The color value at the pixel locations from the previously loaded coordinate files are identified and stored in a list. Its done for both the classes.

def get_dataset(img,XY):
    X_train = []
    for band in img:
        ls=[band[x[1]][x[0]] for x in XY]
        X_train.append(ls)
    return np.array(X_train).T

This function return (n,4) array, where n is the number of coordinates. (River-50, NonRiver-100).

Thus, river_train is of shape (50,4) and nonriver_train is of shape (100,4).

Next, the mean for both river_train and nonriver_train are calculated using the above explained function. Both river_mean and nonriver_mean is of the shape (1,4).

Next step is to calculate the covariance of river_train and nonriver_train. Its stored in river_cov and nonriver_cov, each of shape (4,4).

For ease of understanding the dimensions, the test_data is taken as the transpose of the band_img, i.e. the whole 4 images. So test_data will be of the shape (512,512,4)

Bayes Classification

For each pixel, i.e. 512*512 pixels, distance of it from centroid of river_mean and nonriver_mean are calculated using the mahalanobis distance metric.

Using these distances river_class and nonriver_class, the density functions p1 and p2 are calculated.

Then, using Bayes Decision Rule, the pixel is classified to River_Class or NonRiver_Class.

Baye's Decision Rule

img

Density function Class C

img

np.linalg.det - its a linear algebra function from numpy module.

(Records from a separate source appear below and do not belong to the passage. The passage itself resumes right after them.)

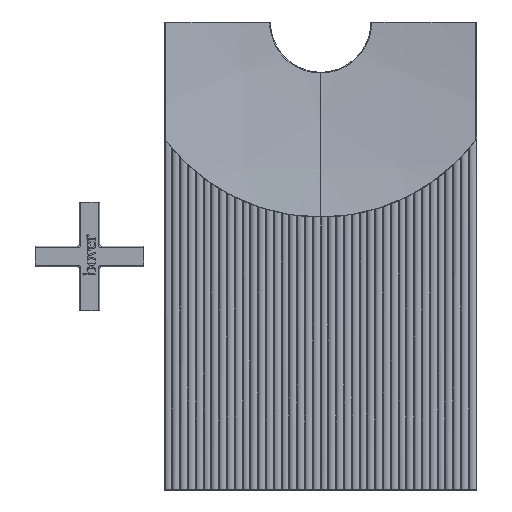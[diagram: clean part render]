
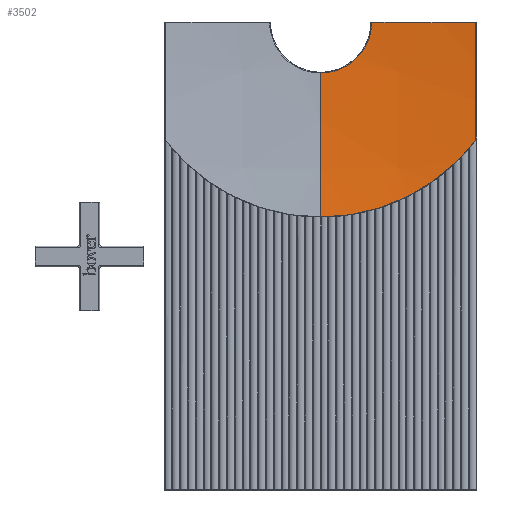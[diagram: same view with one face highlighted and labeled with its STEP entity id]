
A CAD part, front view. The second image highlights one B-rep face of the part: STEP entity #3502.
In plain terms, the highlighted spherical face has radius 715.727 mm.
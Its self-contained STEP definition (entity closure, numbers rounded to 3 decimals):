
#1065 = ORIENTED_EDGE ( 'NONE', *, *, #30144, .T. ) ;
#1068 = DIRECTION ( 'NONE',  ( 0., 0., -1. ) ) ;
#2097 = CARTESIAN_POINT ( 'NONE',  ( 30.924, 4.749, -139.078 ) ) ;
#2212 = EDGE_CURVE ( 'NONE', #14167, #17243, #12328, .T. ) ;
#2305 = CARTESIAN_POINT ( 'NONE',  ( 14.343, 4.749, -120.579 ) ) ;
#2502 = CARTESIAN_POINT ( 'NONE',  ( 4.24, 4.749, -117.544 ) ) ;
#2903 = CARTESIAN_POINT ( 'NONE',  ( 13.376, 4.749, -120.127 ) ) ;
#3293 = DIRECTION ( 'NONE',  ( 1., 0., 0. ) ) ;
#3437 = CARTESIAN_POINT ( 'NONE',  ( 0., 719.727, -150.003 ) ) ;
#3502 = ADVANCED_FACE ( 'NONE', ( #21890 ), #34493, .F. ) ;
#5198 = CARTESIAN_POINT ( 'NONE',  ( 32.397, 4.749, -145.238 ) ) ;
#5796 = CARTESIAN_POINT ( 'NONE',  ( 0., 4.749, -117.273 ) ) ;
#6722 = EDGE_CURVE ( 'NONE', #36858, #14167, #19003, .T. ) ;
#8682 = CARTESIAN_POINT ( 'NONE',  ( 3.708, 4.749, -117.479 ) ) ;
#8887 = CARTESIAN_POINT ( 'NONE',  ( 32.707, 4.749, -148.43 ) ) ;
#9810 = DIRECTION ( 'NONE',  ( 0., 0., 1. ) ) ;
#9854 = DIRECTION ( 'NONE',  ( 0., 0., 1. ) ) ;
#11153 = CARTESIAN_POINT ( 'NONE',  ( 99.431, 719.727, -150.003 ) ) ;
#11775 = CARTESIAN_POINT ( 'NONE',  ( 29.187, 4.749, -135.186 ) ) ;
#11986 = CARTESIAN_POINT ( 'NONE',  ( 10.435, 4.749, -118.909 ) ) ;
#12328 = CIRCLE ( 'NONE', #14978, 715.727 ) ;
#12383 = CARTESIAN_POINT ( 'NONE',  ( 12.889, 4.749, -119.913 ) ) ;
#12571 = CIRCLE ( 'NONE', #28433, 708.787 ) ;
#12810 = CIRCLE ( 'NONE', #14789, 715.727 ) ;
#14167 = VERTEX_POINT ( 'NONE', #14456 ) ;
#14248 = DIRECTION ( 'NONE',  ( -1., 0., 0. ) ) ;
#14452 = VERTEX_POINT ( 'NONE', #26632 ) ;
#14456 = CARTESIAN_POINT ( 'NONE',  ( 0., 4.749, -117.273 ) ) ;
#14678 = CARTESIAN_POINT ( 'NONE',  ( 23.335, 4.749, -127.048 ) ) ;
#14789 = AXIS2_PLACEMENT_3D ( 'NONE', #26484, #1068, #14248 ) ;
#14894 = CARTESIAN_POINT ( 'NONE',  ( 1.056, 4.749, -117.273 ) ) ;
#14978 = AXIS2_PLACEMENT_3D ( 'NONE', #3437, #40815, #9810 ) ;
#15080 = CARTESIAN_POINT ( 'NONE',  ( 2.115, 4.749, -117.324 ) ) ;
#15490 = CARTESIAN_POINT ( 'NONE',  ( 24.779, 4.749, -128.614 ) ) ;
#15879 = DIRECTION ( 'NONE',  ( 0., 0., 1. ) ) ;
#16558 = EDGE_CURVE ( 'NONE', #17243, #21730, #37236, .T. ) ;
#17243 = VERTEX_POINT ( 'NONE', #30634 ) ;
#17385 = CARTESIAN_POINT ( 'NONE',  ( 32.723, 4.749, -149.5 ) ) ;
#17798 = CARTESIAN_POINT ( 'NONE',  ( 26.433, 4.749, -130.675 ) ) ;
#17940 = AXIS2_PLACEMENT_3D ( 'NONE', #25201, #3293, #15879 ) ;
#18005 = CARTESIAN_POINT ( 'NONE',  ( 29.877, 4.749, -136.633 ) ) ;
#18211 = CARTESIAN_POINT ( 'NONE',  ( 27.623, 4.749, -132.417 ) ) ;
#19003 = B_SPLINE_CURVE_WITH_KNOTS ( 'NONE', 3,
 ( #17385, #8887, #27912, #5198, #21701, #40492, #2097, #18005, #24398, #11775, #40291, #21301, #18211, #17798, #34304, #15490, #21906, #28127, #14678, #30397, #31209, #30603, #40696, #34104, #2305, #2903, #12383, #11986, #30807, #36998, #27517, #2502, #8682, #15080, #14894, #5796 ),
 .UNSPECIFIED., .F., .F.,
 ( 4, 2, 2, 2, 2, 2, 2, 2, 2, 2, 2, 2, 2, 2, 2, 2, 2, 4 ),
 ( 0., 0.003, 0.006, 0.013, 0.014, 0.016, 0.019, 0.022, 0.024, 0.026, 0.032, 0.035, 0.037, 0.038, 0.045, 0.047, 0.048, 0.051 ),
 .UNSPECIFIED. ) ;
#20772 = EDGE_CURVE ( 'NONE', #14452, #36858, #12810, .T. ) ;
#21301 = CARTESIAN_POINT ( 'NONE',  ( 28.176, 4.749, -133.318 ) ) ;
#21701 = CARTESIAN_POINT ( 'NONE',  ( 32.225, 4.749, -144.191 ) ) ;
#21730 = VERTEX_POINT ( 'NONE', #22895 ) ;
#21890 = FACE_OUTER_BOUND ( 'NONE', #32098, .T. ) ;
#21906 = CARTESIAN_POINT ( 'NONE',  ( 24.429, 4.749, -128.215 ) ) ;
#22895 = CARTESIAN_POINT ( 'NONE',  ( 99.431, 15., -74.251 ) ) ;
#23573 = DIRECTION ( 'NONE',  ( 1., 0., 0. ) ) ;
#24398 = CARTESIAN_POINT ( 'NONE',  ( 29.655, 4.749, -136.146 ) ) ;
#25201 = CARTESIAN_POINT ( 'NONE',  ( 0., 719.727, -150.003 ) ) ;
#25276 = CARTESIAN_POINT ( 'NONE',  ( 32.723, 4.749, -149.5 ) ) ;
#26484 = CARTESIAN_POINT ( 'NONE',  ( 0., 719.727, -149.5 ) ) ;
#26632 = CARTESIAN_POINT ( 'NONE',  ( 99.431, 10.941, -149.5 ) ) ;
#26660 = ORIENTED_EDGE ( 'NONE', *, *, #16558, .T. ) ;
#26666 = ORIENTED_EDGE ( 'NONE', *, *, #6722, .T. ) ;
#27517 = CARTESIAN_POINT ( 'NONE',  ( 5.294, 4.749, -117.699 ) ) ;
#27912 = CARTESIAN_POINT ( 'NONE',  ( 32.638, 4.749, -147.362 ) ) ;
#28127 = CARTESIAN_POINT ( 'NONE',  ( 23.708, 4.749, -127.433 ) ) ;
#28433 = AXIS2_PLACEMENT_3D ( 'NONE', #11153, #23573, #33083 ) ;
#28907 = DIRECTION ( 'NONE',  ( 0., 1., 0. ) ) ;
#29321 = CARTESIAN_POINT ( 'NONE',  ( 0., 15., -150.003 ) ) ;
#30144 = EDGE_CURVE ( 'NONE', #21730, #14452, #12571, .T. ) ;
#30397 = CARTESIAN_POINT ( 'NONE',  ( 21.433, 4.749, -125.176 ) ) ;
#30603 = CARTESIAN_POINT ( 'NONE',  ( 17.146, 4.749, -122.104 ) ) ;
#30634 = CARTESIAN_POINT ( 'NONE',  ( 0., 15., -25.004 ) ) ;
#30807 = CARTESIAN_POINT ( 'NONE',  ( 8.415, 4.749, -118.302 ) ) ;
#31209 = CARTESIAN_POINT ( 'NONE',  ( 19.789, 4.749, -123.848 ) ) ;
#31964 = AXIS2_PLACEMENT_3D ( 'NONE', #29321, #28907, #9854 ) ;
#32098 = EDGE_LOOP ( 'NONE', ( #26666, #32225, #26660, #1065, #35604 ) ) ;
#32225 = ORIENTED_EDGE ( 'NONE', *, *, #2212, .T. ) ;
#33083 = DIRECTION ( 'NONE',  ( 0., 0., 1. ) ) ;
#34104 = CARTESIAN_POINT ( 'NONE',  ( 14.823, 4.749, -120.817 ) ) ;
#34304 = CARTESIAN_POINT ( 'NONE',  ( 25.797, 4.749, -129.833 ) ) ;
#34493 = SPHERICAL_SURFACE ( 'NONE', #17940, 715.727 ) ;
#35604 = ORIENTED_EDGE ( 'NONE', *, *, #20772, .T. ) ;
#36858 = VERTEX_POINT ( 'NONE', #25276 ) ;
#36998 = CARTESIAN_POINT ( 'NONE',  ( 5.817, 4.749, -117.79 ) ) ;
#37236 = CIRCLE ( 'NONE', #31964, 124.999 ) ;
#40291 = CARTESIAN_POINT ( 'NONE',  ( 28.942, 4.749, -134.713 ) ) ;
#40492 = CARTESIAN_POINT ( 'NONE',  ( 31.562, 4.749, -141.09 ) ) ;
#40696 = CARTESIAN_POINT ( 'NONE',  ( 16.235, 4.749, -121.564 ) ) ;
#40815 = DIRECTION ( 'NONE',  ( -1., 0., 0. ) ) ;

Its used to find the determinant of a matrix (here, determinant of covariance matrix).

def bayes(P1, P2, mean_river, mean_nonriver, river_cov, nonriver_cov, test_data):
    X = np.linalg.inv(river_cov)
    Y = np.linalg.inv(nonriver_cov)
    m,n,p = test_data.shape
    Out_image = np.zeros((m,n))
    for i in range(m):
        for j in range(n):
            river_class =  mahalanobis_distance(mean_river,test_data[i][j],X)
            nonriver_class =  mahalanobis_distance(mean_nonriver,test_data[i][j],Y)
            p1 = (1/(np.linalg.det(river_cov)**0.5))*math.exp(-0.5*river_class)
            p2 = (1/(np.linalg.det(nonriver_cov)**0.5))*math.exp(-0.5*nonriver_class)
            
            if(P1*p1 >= P2*p2):
                Out_image[i][j] = 255
            else:
                Out_image[i][j] = 0
    return Out_image.T  

The Bayes classification step is done for the 3 cases mentioned below.

Case 1 :

River class (Prior Prob: ) = 0.3 , Nonriver class(Prior Prob) = 0.7

Case 2 :

River class (Prior Prob: ) = 0.7 , Nonriver class(Prior Prob) = 0.3

Case 3 :

River class (Prior Prob: ) = 0.5 , Nonriver class(Prior Prob) = 0.5

P1 = 0.3
P2 = 0.7
Out_image = bayes(P1,P2, river_mean, nonriver_mean, river_cov, nonriver_cov, test_data)
im1 = Image.fromarray(np.uint8(Out_image))
im1.save("Output_Images/river03non07.jpeg")
display(im1)

The numpy array returned by the bayes() is converted to image using the PIL module.

The output images are stored to the folder 'Output_Images'.